What you should do: Among the records below, find each line that includes the string "Autodesk" and copy it.

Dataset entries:
------------

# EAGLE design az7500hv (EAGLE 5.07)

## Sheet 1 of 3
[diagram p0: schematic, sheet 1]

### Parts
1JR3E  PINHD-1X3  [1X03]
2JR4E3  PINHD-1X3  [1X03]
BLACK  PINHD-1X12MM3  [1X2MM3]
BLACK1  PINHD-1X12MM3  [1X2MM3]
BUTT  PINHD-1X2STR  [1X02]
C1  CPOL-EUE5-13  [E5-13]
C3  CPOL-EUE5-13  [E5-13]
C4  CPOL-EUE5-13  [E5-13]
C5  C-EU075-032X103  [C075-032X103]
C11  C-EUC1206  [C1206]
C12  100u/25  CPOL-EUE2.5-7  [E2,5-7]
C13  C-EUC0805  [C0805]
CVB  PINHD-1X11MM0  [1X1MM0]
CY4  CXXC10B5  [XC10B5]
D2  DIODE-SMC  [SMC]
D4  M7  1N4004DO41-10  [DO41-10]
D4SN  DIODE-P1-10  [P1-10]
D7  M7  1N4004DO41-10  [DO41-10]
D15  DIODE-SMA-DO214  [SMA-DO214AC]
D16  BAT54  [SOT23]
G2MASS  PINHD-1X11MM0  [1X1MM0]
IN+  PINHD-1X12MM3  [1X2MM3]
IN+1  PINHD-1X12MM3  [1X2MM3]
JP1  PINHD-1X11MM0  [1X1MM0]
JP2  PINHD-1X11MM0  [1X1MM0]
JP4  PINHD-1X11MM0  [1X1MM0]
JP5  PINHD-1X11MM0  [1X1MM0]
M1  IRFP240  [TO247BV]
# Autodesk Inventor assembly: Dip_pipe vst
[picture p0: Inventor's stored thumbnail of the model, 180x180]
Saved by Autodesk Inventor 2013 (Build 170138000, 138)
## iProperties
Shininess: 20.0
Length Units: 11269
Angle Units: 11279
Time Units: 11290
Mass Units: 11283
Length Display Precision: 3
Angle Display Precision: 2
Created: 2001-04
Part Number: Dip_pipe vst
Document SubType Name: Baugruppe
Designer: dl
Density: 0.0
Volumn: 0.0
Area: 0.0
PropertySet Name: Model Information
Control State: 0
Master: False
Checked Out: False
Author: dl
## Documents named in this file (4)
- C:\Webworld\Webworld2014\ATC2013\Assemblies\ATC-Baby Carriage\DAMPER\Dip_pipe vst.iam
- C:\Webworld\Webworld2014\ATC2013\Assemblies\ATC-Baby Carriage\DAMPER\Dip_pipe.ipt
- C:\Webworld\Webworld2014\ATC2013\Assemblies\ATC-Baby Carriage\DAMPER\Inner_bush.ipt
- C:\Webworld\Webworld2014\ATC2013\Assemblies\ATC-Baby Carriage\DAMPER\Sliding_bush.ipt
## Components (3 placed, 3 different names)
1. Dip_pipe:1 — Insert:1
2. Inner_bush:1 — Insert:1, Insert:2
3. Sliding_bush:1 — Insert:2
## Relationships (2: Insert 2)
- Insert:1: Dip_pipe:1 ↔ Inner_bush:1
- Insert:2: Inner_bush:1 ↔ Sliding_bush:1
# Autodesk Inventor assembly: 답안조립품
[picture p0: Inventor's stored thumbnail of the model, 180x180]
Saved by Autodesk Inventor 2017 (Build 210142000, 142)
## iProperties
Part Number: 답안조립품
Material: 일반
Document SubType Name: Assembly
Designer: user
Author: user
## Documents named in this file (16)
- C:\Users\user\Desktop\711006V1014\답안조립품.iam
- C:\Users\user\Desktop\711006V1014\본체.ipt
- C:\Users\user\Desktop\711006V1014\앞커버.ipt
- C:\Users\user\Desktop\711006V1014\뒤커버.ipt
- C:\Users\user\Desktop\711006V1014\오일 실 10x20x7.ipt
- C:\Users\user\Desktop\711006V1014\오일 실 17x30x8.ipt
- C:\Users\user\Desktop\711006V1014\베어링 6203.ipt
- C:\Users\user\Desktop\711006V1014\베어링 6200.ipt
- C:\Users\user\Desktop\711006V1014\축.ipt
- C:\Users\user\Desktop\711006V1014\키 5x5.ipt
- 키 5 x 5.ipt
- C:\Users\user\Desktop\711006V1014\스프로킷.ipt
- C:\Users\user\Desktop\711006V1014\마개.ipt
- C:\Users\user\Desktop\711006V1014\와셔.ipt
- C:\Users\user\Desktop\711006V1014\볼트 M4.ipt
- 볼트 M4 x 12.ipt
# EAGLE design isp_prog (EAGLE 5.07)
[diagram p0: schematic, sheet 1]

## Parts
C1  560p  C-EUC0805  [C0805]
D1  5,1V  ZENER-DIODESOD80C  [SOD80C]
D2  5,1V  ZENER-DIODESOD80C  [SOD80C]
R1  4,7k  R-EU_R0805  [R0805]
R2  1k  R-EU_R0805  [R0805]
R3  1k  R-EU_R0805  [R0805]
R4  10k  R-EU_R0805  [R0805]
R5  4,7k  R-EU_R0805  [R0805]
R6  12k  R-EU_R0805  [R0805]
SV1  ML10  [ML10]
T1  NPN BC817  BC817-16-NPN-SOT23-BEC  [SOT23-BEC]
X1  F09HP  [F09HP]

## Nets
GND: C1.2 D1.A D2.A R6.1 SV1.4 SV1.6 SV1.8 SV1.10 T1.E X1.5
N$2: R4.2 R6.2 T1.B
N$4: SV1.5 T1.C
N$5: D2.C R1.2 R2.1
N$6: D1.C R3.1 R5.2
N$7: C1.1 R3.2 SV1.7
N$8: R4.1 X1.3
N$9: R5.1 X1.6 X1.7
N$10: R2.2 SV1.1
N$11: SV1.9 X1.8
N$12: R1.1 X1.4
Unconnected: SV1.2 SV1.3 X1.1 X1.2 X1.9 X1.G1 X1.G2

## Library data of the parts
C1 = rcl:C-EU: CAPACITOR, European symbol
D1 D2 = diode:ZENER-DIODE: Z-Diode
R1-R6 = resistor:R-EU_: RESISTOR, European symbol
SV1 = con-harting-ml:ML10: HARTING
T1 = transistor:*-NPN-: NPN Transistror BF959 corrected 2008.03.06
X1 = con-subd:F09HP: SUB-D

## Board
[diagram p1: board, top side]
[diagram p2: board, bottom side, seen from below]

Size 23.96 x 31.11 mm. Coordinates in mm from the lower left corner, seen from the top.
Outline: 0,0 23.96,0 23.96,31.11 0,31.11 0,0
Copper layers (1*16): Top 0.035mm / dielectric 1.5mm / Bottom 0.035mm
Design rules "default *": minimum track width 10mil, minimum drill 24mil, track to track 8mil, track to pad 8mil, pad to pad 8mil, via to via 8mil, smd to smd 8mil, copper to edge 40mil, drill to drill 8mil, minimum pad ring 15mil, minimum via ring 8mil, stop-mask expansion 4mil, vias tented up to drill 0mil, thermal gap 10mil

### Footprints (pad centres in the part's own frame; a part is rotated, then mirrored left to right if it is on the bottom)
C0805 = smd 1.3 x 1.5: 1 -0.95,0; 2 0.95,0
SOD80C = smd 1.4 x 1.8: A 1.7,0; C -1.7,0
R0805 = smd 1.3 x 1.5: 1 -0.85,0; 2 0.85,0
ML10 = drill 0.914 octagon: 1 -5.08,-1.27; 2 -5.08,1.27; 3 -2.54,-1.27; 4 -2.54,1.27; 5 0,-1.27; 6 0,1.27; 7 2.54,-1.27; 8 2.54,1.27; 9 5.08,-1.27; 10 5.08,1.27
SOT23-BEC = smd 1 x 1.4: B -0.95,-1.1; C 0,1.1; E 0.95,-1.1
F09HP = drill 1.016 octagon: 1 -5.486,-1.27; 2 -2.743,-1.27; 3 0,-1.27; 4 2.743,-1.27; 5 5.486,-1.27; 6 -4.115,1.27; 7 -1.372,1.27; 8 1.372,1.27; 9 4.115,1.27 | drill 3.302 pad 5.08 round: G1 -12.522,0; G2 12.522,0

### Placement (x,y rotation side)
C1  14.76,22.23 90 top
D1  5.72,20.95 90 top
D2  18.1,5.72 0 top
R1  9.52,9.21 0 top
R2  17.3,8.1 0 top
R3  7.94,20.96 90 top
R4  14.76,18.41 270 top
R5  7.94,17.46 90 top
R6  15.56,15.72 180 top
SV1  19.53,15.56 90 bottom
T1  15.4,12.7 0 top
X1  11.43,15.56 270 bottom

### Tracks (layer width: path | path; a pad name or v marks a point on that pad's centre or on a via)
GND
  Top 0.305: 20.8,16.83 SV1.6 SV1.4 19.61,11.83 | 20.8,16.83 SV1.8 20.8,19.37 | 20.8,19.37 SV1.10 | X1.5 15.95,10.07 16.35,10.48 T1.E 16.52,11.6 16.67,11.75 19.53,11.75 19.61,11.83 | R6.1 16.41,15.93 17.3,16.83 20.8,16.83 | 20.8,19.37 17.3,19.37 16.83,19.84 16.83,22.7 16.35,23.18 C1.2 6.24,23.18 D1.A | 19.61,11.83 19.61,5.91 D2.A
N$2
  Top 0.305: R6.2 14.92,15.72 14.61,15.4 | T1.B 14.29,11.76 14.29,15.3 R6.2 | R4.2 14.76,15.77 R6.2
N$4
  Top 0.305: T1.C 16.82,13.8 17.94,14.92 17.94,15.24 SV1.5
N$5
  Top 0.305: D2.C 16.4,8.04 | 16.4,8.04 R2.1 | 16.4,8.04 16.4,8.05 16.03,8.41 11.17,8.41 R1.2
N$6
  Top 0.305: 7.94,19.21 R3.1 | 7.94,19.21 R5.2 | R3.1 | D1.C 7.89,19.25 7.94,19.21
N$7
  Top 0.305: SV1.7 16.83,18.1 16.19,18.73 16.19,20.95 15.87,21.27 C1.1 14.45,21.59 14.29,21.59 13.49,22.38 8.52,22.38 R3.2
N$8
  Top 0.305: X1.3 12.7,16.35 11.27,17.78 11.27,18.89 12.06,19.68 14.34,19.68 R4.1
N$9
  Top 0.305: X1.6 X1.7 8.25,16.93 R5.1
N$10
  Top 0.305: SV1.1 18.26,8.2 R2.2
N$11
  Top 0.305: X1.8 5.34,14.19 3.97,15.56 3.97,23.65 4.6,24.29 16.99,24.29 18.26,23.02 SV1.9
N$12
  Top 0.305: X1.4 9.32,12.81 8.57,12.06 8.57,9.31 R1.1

------------

Result of this exercise:
# Autodesk Inventor assembly: Dip_pipe vst
Saved by Autodesk Inventor 2013 (Build 170138000, 138)
# Autodesk Inventor assembly: 답안조립품
Saved by Autodesk Inventor 2017 (Build 210142000, 142)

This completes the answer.